NewsON is a local news service that enables users to see live and on demand local news broadcasts and video clips from TV stations across the United States. As of February 2021, NewsON includes over 275 TV stations from over 160 markets, covering more than 75% of the US population.

The app is available on mobile phones, tablets and connected TVs, including iPhones, iPads, Android phones, Android tablets, Roku connected TV devices, Fire TV and Apple TV. NewsON also offers a streaming website.

NewsON was announced on June 9, 2015, as a venture formed by five of the largest TV station groups in the United States. The founding members were ABC Owned Television Stations, Cox Media Group, Hearst Television, Media General, and Raycom Media. Hubbard Broadcasting announced its participation as an investor in November 2015, Sinclair Broadcast Group announced its investment in January 2016, and Nexstar Broadcasting Group (now Nexstar Media Group) announced its investment in April 2016.

Current participating station groups are Berkshire Hathaway, Block Communications, Capitol Broadcasting Company, CBS News and Stations, Cowles Company, Cox Media Group, E. W. Scripps Company, Fort Myers Broadcasting Company, Forum Communications, Hearst Television, Heritage Broadcasting Company, Hubbard Broadcasting, Morgan Murphy Media, News-Press & Gazette Company, Paxton Media Group, Sinclair Broadcast Group and Tegna Inc.

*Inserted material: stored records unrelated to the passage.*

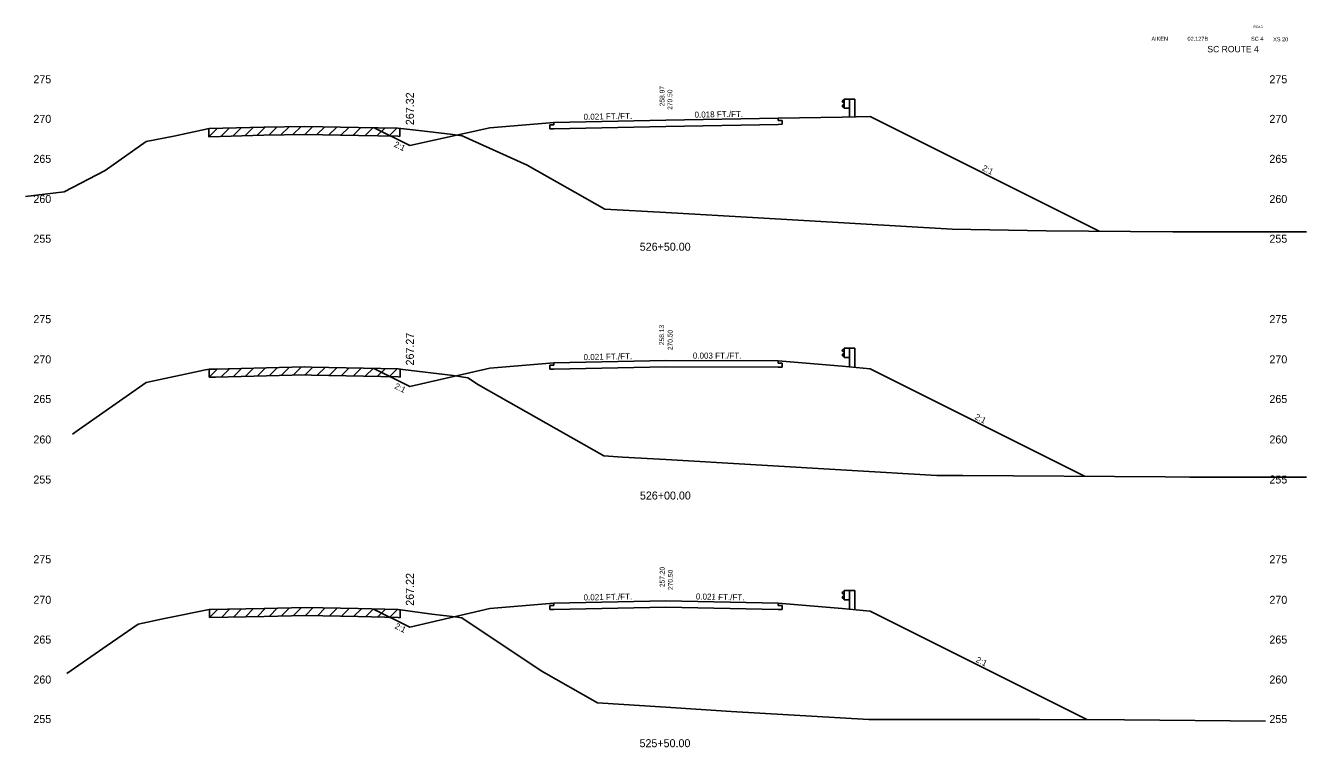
# Model space of a CAD drawing. Extents: x 883 to 1160, y 1002 to 4323.
# Drawn here: x 1000 to 1160, y 3197.2 to 3287.3 of the extents above; entities that cross this region are included whole.
import ezdxf

# ---------------------------------------------------------------- set-up
doc = ezdxf.new("R2010")
doc.units = 0
for name, color, linetype in [('Level 1', 7, 'Continuous'), ('Level 10', 7, 'Continuous'), ('Level 11', 7, 'Continuous'), ('Level 12', 7, 'Continuous'), ('Level 24', 7, 'Continuous'), ('Level 3', 7, 'Continuous'), ('Level 32', 7, 'Continuous'), ('Level 33', 7, 'Continuous'), ('Level 59', 7, 'Continuous'), ('Level 6', 7, 'Continuous'), ('Level 60', 7, 'Continuous'), ('Level 61', 7, 'Continuous'), ('Level 7', 7, 'Continuous')]:
    doc.layers.add(name, color=color, linetype=linetype)

msp = doc.modelspace()

# ---------------------------------------------------------------- linework, layer by layer
at = {"layer": 'Level 11'}
for p, q in [((1066, 3275.21), (1066, 3274.91)), ((1094, 3275.45), (1094, 3275.75)), ((1094.5, 3275.46), (1094, 3275.45)), ((1094.5, 3274.98), (1094.5, 3275.46)), ((1066, 3274.91), (1065.5, 3274.9)), ((1065.5, 3274.9), (1065.5, 3274.42)), ((1065.5, 3274.42), (1066, 3274.43)), ((1094, 3274.97), (1094.5, 3274.98)), ((1066, 3244.91), (1065.5, 3244.9)), ((1065.5, 3244.9), (1065.5, 3244.42)), ((1066, 3245.21), (1066, 3244.91)), ((1094, 3245.16), (1094, 3245.46)), ((1094.5, 3245.16), (1094, 3245.16)), ((1094.5, 3244.68), (1094.5, 3245.16)), ((1065.5, 3244.42), (1066, 3244.43)), ((1094, 3244.68), (1094.5, 3244.68)), ((1066, 3214.91), (1065.5, 3214.9)), ((1065.5, 3214.9), (1065.5, 3214.42)), ((1065.5, 3214.42), (1066, 3214.43)), ((1066, 3215.21), (1066, 3214.91)), ((1094, 3214.91), (1094, 3215.21)), ((1094.5, 3214.9), (1094, 3214.91)), ((1094, 3214.43), (1094.5, 3214.42)), ((1094.5, 3214.42), (1094.5, 3214.9))]:
    msp.add_line(p, q, dxfattribs=at)
at = {"layer": 'Level 12'}
for p, q in [((1080, 3274.72), (1066, 3274.43)), ((1094, 3274.97), (1080, 3274.72)), ((1080, 3244.72), (1066, 3244.43)), ((1094, 3244.68), (1080, 3244.72)), ((1080, 3214.72), (1066, 3214.43)), ((1094, 3214.43), (1080, 3214.72))]:
    msp.add_line(p, q, dxfattribs=at)
at = {"layer": 'Level 24'}
for p, q in [((1102.27, 3278.07), (1102, 3277.87)), ((1102, 3277.87), (1102, 3277.82)), ((1102, 3277.82), (1102.27, 3277.62)), ((1102, 3277.3), (1102.27, 3277.5)), ((1102, 3277.25), (1102, 3277.3)), ((1102.27, 3277.05), (1102, 3277.25)), ((1102.27, 3276.98), (1102.27, 3278.14)), ((1102.27, 3278.14), (1102.94, 3278.14)), ((1102.27, 3276.98), (1102.94, 3276.98)), ((1102.94, 3278.14), (1102.94, 3275.91)), ((1102.94, 3278.14), (1103.6, 3278.14)), ((1103.6, 3278.14), (1103.6, 3275.92)), ((1102.27, 3246.97), (1102, 3246.77)), ((1102, 3246.77), (1102, 3246.72)), ((1102, 3246.72), (1102.27, 3246.52)), ((1102.27, 3245.87), (1102.27, 3247.04)), ((1102.27, 3247.04), (1102.94, 3247.04)), ((1102.94, 3247.04), (1102.94, 3244.7)), ((1102.94, 3247.04), (1103.6, 3247.04)), ((1103.6, 3247.04), (1103.6, 3244.63)), ((1102, 3246.2), (1102.27, 3246.4)), ((1102, 3246.15), (1102, 3246.2)), ((1102.27, 3245.95), (1102, 3246.15)), ((1102.27, 3245.87), (1102.94, 3245.87)), ((1102.27, 3216.72), (1102, 3216.52)), ((1102, 3216.52), (1102, 3216.47)), ((1102, 3216.47), (1102.27, 3216.27)), ((1102, 3215.95), (1102.27, 3216.15)), ((1102.27, 3215.63), (1102.27, 3216.79)), ((1102.27, 3216.79), (1102.94, 3216.79)), ((1102.94, 3216.79), (1102.94, 3214.45)), ((1102.94, 3216.79), (1103.6, 3216.79)), ((1103.6, 3216.79), (1103.6, 3214.38)), ((1102, 3215.9), (1102, 3215.95)), ((1102.27, 3215.7), (1102, 3215.9)), ((1102.27, 3215.63), (1102.94, 3215.63))]:
    msp.add_line(p, q, dxfattribs=at)
at = {"layer": 'Level 59'}
for p, q in [((1066, 3275.21), (1080, 3275.5)), ((1080, 3275.5), (1094, 3275.75)), ((1066, 3245.21), (1080, 3245.5)), ((1080, 3245.5), (1094, 3245.46)), ((1066, 3215.21), (1080, 3215.5)), ((1080, 3215.5), (1094, 3215.21))]:
    msp.add_line(p, q, dxfattribs=at)
at = {"layer": 'Level 6'}
for p, q in [((1058, 3274.54), (1066, 3275.21)), ((1094, 3275.75), (1102, 3275.89)), ((1102, 3275.89), (1105.5, 3275.96)), ((1058, 3244.54), (1066, 3245.21)), ((1094, 3245.46), (1102, 3244.79)), ((1102, 3244.79), (1105.5, 3244.44)), ((1058, 3214.54), (1066, 3215.21)), ((1094, 3215.21), (1102, 3214.54)), ((1102, 3214.54), (1105.5, 3214.19))]:
    msp.add_line(p, q, dxfattribs=at)
at = {"layer": 'Level 60'}
for p, q in [((1018.52, 3273.51), (1022.92, 3274.44)), ((1022.92, 3274.44), (1029.75, 3274.61)), ((1029.75, 3274.61), (1034.9, 3274.73)), ((1034.9, 3274.73), (1041.6, 3274.58)), ((1041.6, 3274.58), (1046.5, 3274.5)), ((1046.5, 3274.5), (1049.48, 3274.16)), ((1049.48, 3274.16), (1053.37, 3273.7)), ((1053.37, 3273.7), (1054.52, 3273.53)), ((1009.93, 3269.23), (1015.08, 3272.84)), ((1015.08, 3272.84), (1018.52, 3273.51)), ((1054.52, 3273.53), (1062.67, 3269.87)), ((1004.81, 3266.54), (1009.93, 3269.23)), ((1062.67, 3269.87), (1072.36, 3264.4)), ((1000, 3265.99), (1004.81, 3266.54)), ((1072.36, 3264.4), (1080, 3263.97)), ((1080, 3263.97), (1091.5, 3263.32)), ((1091.5, 3263.32), (1115.77, 3261.9)), ((1115.77, 3261.9), (1127.49, 3261.69)), ((1127.49, 3261.69), (1143.33, 3261.57)), ((1143.33, 3261.57), (1154.78, 3261.57)), ((1154.78, 3261.57), (1160, 3261.57)), ((1015.07, 3242.76), (1022.25, 3244.27)), ((1022.25, 3244.27), (1022.91, 3244.4)), ((1022.91, 3244.4), (1023.74, 3244.42)), ((1023.74, 3244.42), (1034.89, 3244.7)), ((1034.89, 3244.7), (1035.71, 3244.68)), ((1035.71, 3244.68), (1046.56, 3244.44)), ((1046.56, 3244.44), (1047.11, 3244.36)), ((1047.11, 3244.36), (1053.4, 3243.62)), ((1053.4, 3243.62), (1055.25, 3243.34)), ((1055.25, 3243.34), (1056.57, 3242.46)), ((1006.75, 3236.93), (1015.07, 3242.76)), ((1056.57, 3242.46), (1072.24, 3233.6)), ((1005.84, 3236.3), (1006.75, 3236.93)), ((1072.24, 3233.6), (1074.55, 3233.45)), ((1074.55, 3233.45), (1080, 3233.13)), ((1080, 3233.13), (1113.82, 3231.15)), ((1113.82, 3231.15), (1117.08, 3231.16)), ((1117.08, 3231.16), (1142.36, 3230.97)), ((1142.36, 3230.97), (1145.43, 3230.95)), ((1145.43, 3230.95), (1160, 3230.95)), ((1022.93, 3214.4), (1029.79, 3214.55)), ((1029.79, 3214.55), (1034.94, 3214.68)), ((1034.94, 3214.68), (1041.54, 3214.52)), ((1041.54, 3214.52), (1046.56, 3214.41)), ((1046.56, 3214.41), (1050.76, 3213.82)), ((1014.04, 3212.6), (1017.36, 3213.3)), ((1017.36, 3213.3), (1022.93, 3214.4)), ((1050.76, 3213.82), (1053.65, 3213.48)), ((1053.65, 3213.48), (1054.49, 3213.36)), ((1054.49, 3213.36), (1064.39, 3206.76)), ((1010.19, 3209.91), (1014.04, 3212.6)), ((1005.16, 3206.43), (1010.19, 3209.91)), ((1064.39, 3206.76), (1071.45, 3202.76)), ((1071.45, 3202.76), (1080, 3202.2)), ((1080, 3202.2), (1088.15, 3201.66)), ((1088.15, 3201.66), (1105.32, 3200.66)), ((1105.32, 3200.66), (1126.68, 3200.7)), ((1126.68, 3200.7), (1137.28, 3200.62)), ((1137.28, 3200.62), (1154.91, 3200.49))]:
    msp.add_line(p, q, dxfattribs=at)
at = {"layer": 'Level 61'}
for p, q in [((1023.92, 3274.46), (1022.89, 3273.43)), ((1022.89, 3274.43), (1022.89, 3273.43)), ((1022.92, 3273.44), (1029.75, 3273.61)), ((1025.42, 3274.5), (1024.39, 3273.48)), ((1026.92, 3274.54), (1025.89, 3273.51)), ((1028.42, 3274.58), (1027.39, 3273.55)), ((1029.92, 3274.61), (1028.89, 3273.59)), ((1029.75, 3273.61), (1034.9, 3273.73)), ((1031.41, 3274.65), (1030.39, 3273.62)), ((1032.91, 3274.68), (1031.89, 3273.66)), ((1034.41, 3274.71), (1033.39, 3273.69)), ((1035.87, 3274.7), (1034.89, 3273.73)), ((1034.9, 3273.73), (1041.6, 3273.58)), ((1037.37, 3274.67), (1036.39, 3273.69)), ((1038.87, 3274.64), (1037.89, 3273.66)), ((1040.37, 3274.6), (1039.39, 3273.63)), ((1041.87, 3274.57), (1040.89, 3273.59)), ((1043.38, 3274.55), (1042.39, 3273.56)), ((1044.88, 3274.52), (1043.89, 3273.54)), ((1046.38, 3274.5), (1045.39, 3273.51)), ((1046.74, 3273.47), (1046.74, 3274.47)), ((1022.89, 3273.43), (1022.92, 3273.44)), ((1041.6, 3273.58), (1046.5, 3273.5)), ((1046.5, 3273.5), (1046.74, 3273.47)), ((1023.95, 3244.42), (1022.93, 3243.4)), ((1022.93, 3244.4), (1022.93, 3243.4)), ((1022.93, 3243.4), (1023.74, 3243.42)), ((1023.74, 3243.42), (1034.89, 3243.7)), ((1025.45, 3244.46), (1024.43, 3243.44)), ((1026.95, 3244.5), (1025.93, 3243.47)), ((1028.45, 3244.54), (1027.43, 3243.51)), ((1029.95, 3244.57), (1028.93, 3243.55)), ((1031.45, 3244.61), (1030.43, 3243.59)), ((1032.95, 3244.65), (1031.93, 3243.62)), ((1034.45, 3244.69), (1033.43, 3243.66)), ((1034.89, 3243.7), (1035.71, 3243.68)), ((1035.9, 3244.67), (1034.93, 3243.7)), ((1035.71, 3243.68), (1046.56, 3243.44)), ((1037.41, 3244.64), (1036.43, 3243.66)), ((1038.91, 3244.61), (1037.93, 3243.63)), ((1040.41, 3244.57), (1039.43, 3243.59)), ((1041.91, 3244.54), (1040.93, 3243.56)), ((1043.41, 3244.51), (1042.43, 3243.53)), ((1044.91, 3244.47), (1043.93, 3243.49)), ((1046.41, 3244.44), (1045.43, 3243.46)), ((1046.56, 3243.44), (1046.77, 3243.41)), ((1046.77, 3243.41), (1046.77, 3244.41)), ((1023.98, 3214.42), (1022.96, 3213.4)), ((1022.96, 3214.4), (1022.96, 3213.4)), ((1025.48, 3214.46), (1024.46, 3213.43)), ((1026.98, 3214.49), (1025.96, 3213.47)), ((1028.48, 3214.52), (1027.46, 3213.5)), ((1029.98, 3214.56), (1028.96, 3213.54)), ((1031.48, 3214.6), (1030.46, 3213.57)), ((1032.98, 3214.63), (1031.96, 3213.61)), ((1034.48, 3214.67), (1033.46, 3213.65)), ((1035.93, 3214.66), (1034.96, 3213.68)), ((1037.43, 3214.62), (1036.46, 3213.64)), ((1038.93, 3214.58), (1037.96, 3213.61)), ((1040.43, 3214.55), (1039.46, 3213.57)), ((1041.94, 3214.51), (1040.96, 3213.53)), ((1043.44, 3214.48), (1042.46, 3213.5)), ((1044.94, 3214.44), (1043.96, 3213.46)), ((1046.44, 3214.41), (1045.46, 3213.43)), ((1022.96, 3213.4), (1029.79, 3213.55)), ((1029.79, 3213.55), (1034.94, 3213.68)), ((1034.94, 3213.68), (1041.54, 3213.52)), ((1041.54, 3213.52), (1046.56, 3213.41)), ((1046.56, 3213.41), (1046.81, 3213.37)), ((1046.81, 3213.37), (1046.81, 3214.37))]:
    msp.add_line(p, q, dxfattribs=at)
at = {"layer": 'Level 7'}
for p, q in [((1105.5, 3275.96), (1134.13, 3261.64)), ((1043.54, 3274.54), (1048, 3272.32)), ((1048, 3272.32), (1058, 3274.54)), ((1043.52, 3244.5), (1048, 3242.27)), ((1048, 3242.27), (1058, 3244.54)), ((1105.5, 3244.44), (1132.29, 3231.05)), ((1043.48, 3214.47), (1048, 3212.22)), ((1048, 3212.22), (1058, 3214.54)), ((1105.5, 3214.19), (1132.57, 3200.66))]:
    msp.add_line(p, q, dxfattribs=at)

# ---------------------------------------------------------------- texts
at = {"layer": 'Level 1'}
for s, height, p in [('AIKEN', 0.5, (1140.64, 3285.41)), ('02.127B', 0.5, (1145.15, 3285.41)), ('SC 4', 0.5, (1153.09, 3285.41)), ('XS 20', 0.5, (1155.85, 3285.35)), ('SC ROUTE 4', 0.8, (1147.63, 3283.97)), ('526+50.00', 1, (1076.72, 3259.2)), ('526+00.00', 1, (1076.74, 3228.14)), ('525+50.00', 1, (1076.69, 3197.22))]:
    msp.add_text(s, height=height, dxfattribs=at).set_placement(p)
at = {"layer": 'Level 10'}
for s, p in [('258.97', (1079.81, 3277.23)), ('258.13', (1079.76, 3247.41)), ('257.20', (1079.82, 3217.21))]:
    msp.add_text(s, height=0.6, rotation=90, dxfattribs=at).set_placement(p)
at = {"layer": 'Level 3'}
for s, height, p in [('ROAD', 0.3, (1153.38, 3287)), (' 275', 1, (1000.6, 3280.11)), (' 275', 1, (1155.01, 3280.11)), (' 270', 1, (1000.6, 3275.16)), (' 270', 1, (1155.01, 3275.16)), (' 265', 1, (1000.6, 3270.17)), (' 265', 1, (1155.01, 3270.17)), (' 260', 1, (1000.6, 3265.16)), (' 260', 1, (1155.01, 3265.16)), (' 255', 1, (1000.6, 3260.2)), (' 255', 1, (1155.01, 3260.2)), (' 275', 1, (1000.6, 3250.16)), (' 275', 1, (1155.01, 3250.16)), (' 270', 1, (1000.6, 3245.14)), (' 270', 1, (1155.01, 3245.14)), (' 265', 1, (1000.6, 3240.19)), (' 265', 1, (1155.01, 3240.19)), (' 260', 1, (1000.6, 3235.14)), (' 260', 1, (1155.01, 3235.14)), (' 255', 1, (1000.6, 3230.14)), (' 255', 1, (1155.01, 3230.14)), (' 275', 1, (1000.6, 3220.19)), (' 275', 1, (1155.01, 3220.19)), (' 270', 1, (1000.6, 3215.12)), (' 270', 1, (1155.01, 3215.12)), (' 265', 1, (1000.6, 3210.16)), (' 265', 1, (1155.01, 3210.16)), (' 260', 1, (1000.6, 3205.17)), (' 260', 1, (1155.01, 3205.17)), (' 255', 1, (1000.6, 3200.24)), (' 255', 1, (1155.01, 3200.24))]:
    msp.add_text(s, height=height, dxfattribs=at).set_placement(p)
at = {"layer": 'Level 32'}
for s, rotation, p in [('0.021 FT./FT.', 1.1916, (1069.71, 3275.54)), ('0.018 FT./FT.', 1.0229, (1083.57, 3275.81)), ('2:1', 333.435, (1045.95, 3272.23)), ('2:1', 333.435, (1119.42, 3269.28)), ('0.021 FT./FT.', 1.1916, (1069.71, 3245.54)), ('0.003 FT./FT.', 359.8303, (1083.35, 3245.74)), ('2:1', 333.435, (1046.01, 3242.05)), ('2:1', 333.435, (1118.5, 3238.22)), ('0.021 FT./FT.', 1.1916, (1069.71, 3215.54)), ('0.021 FT./FT.', 358.8084, (1083.72, 3215.67)), ('2:1', 333.435, (1046.04, 3212.1)), ('2:1', 333.435, (1118.64, 3207.9))]:
    msp.add_text(s, height=0.75, rotation=rotation, dxfattribs=at).set_placement(p)
at = {"layer": 'Level 33'}
for s, p in [('267.32', (1048.5, 3274.88)), ('267.27', (1048.5, 3244.88)), ('267.22', (1048.5, 3214.88))]:
    msp.add_text(s, height=1, rotation=90, dxfattribs=at).set_placement(p)
at = {"layer": 'Level 59'}
for p in [(1080.79, 3276.56), (1080.82, 3246.56), (1080.85, 3216.62)]:
    msp.add_text(' 270.50', height=0.6, rotation=90, dxfattribs=at).set_placement(p)

doc.saveas('drawing.dxf')

The service launched to the public on November 4, 2015, on iOS, Android, and Roku. Viewers can share what they've seen on social media platforms such as Facebook or Twitter.

On January 1, 2020, ABC Owned Television Stations removed their eight stations from the service.

In November 2021, Gray Television removed their stations from NewsON in favor of Zeam (formerly known as VUit).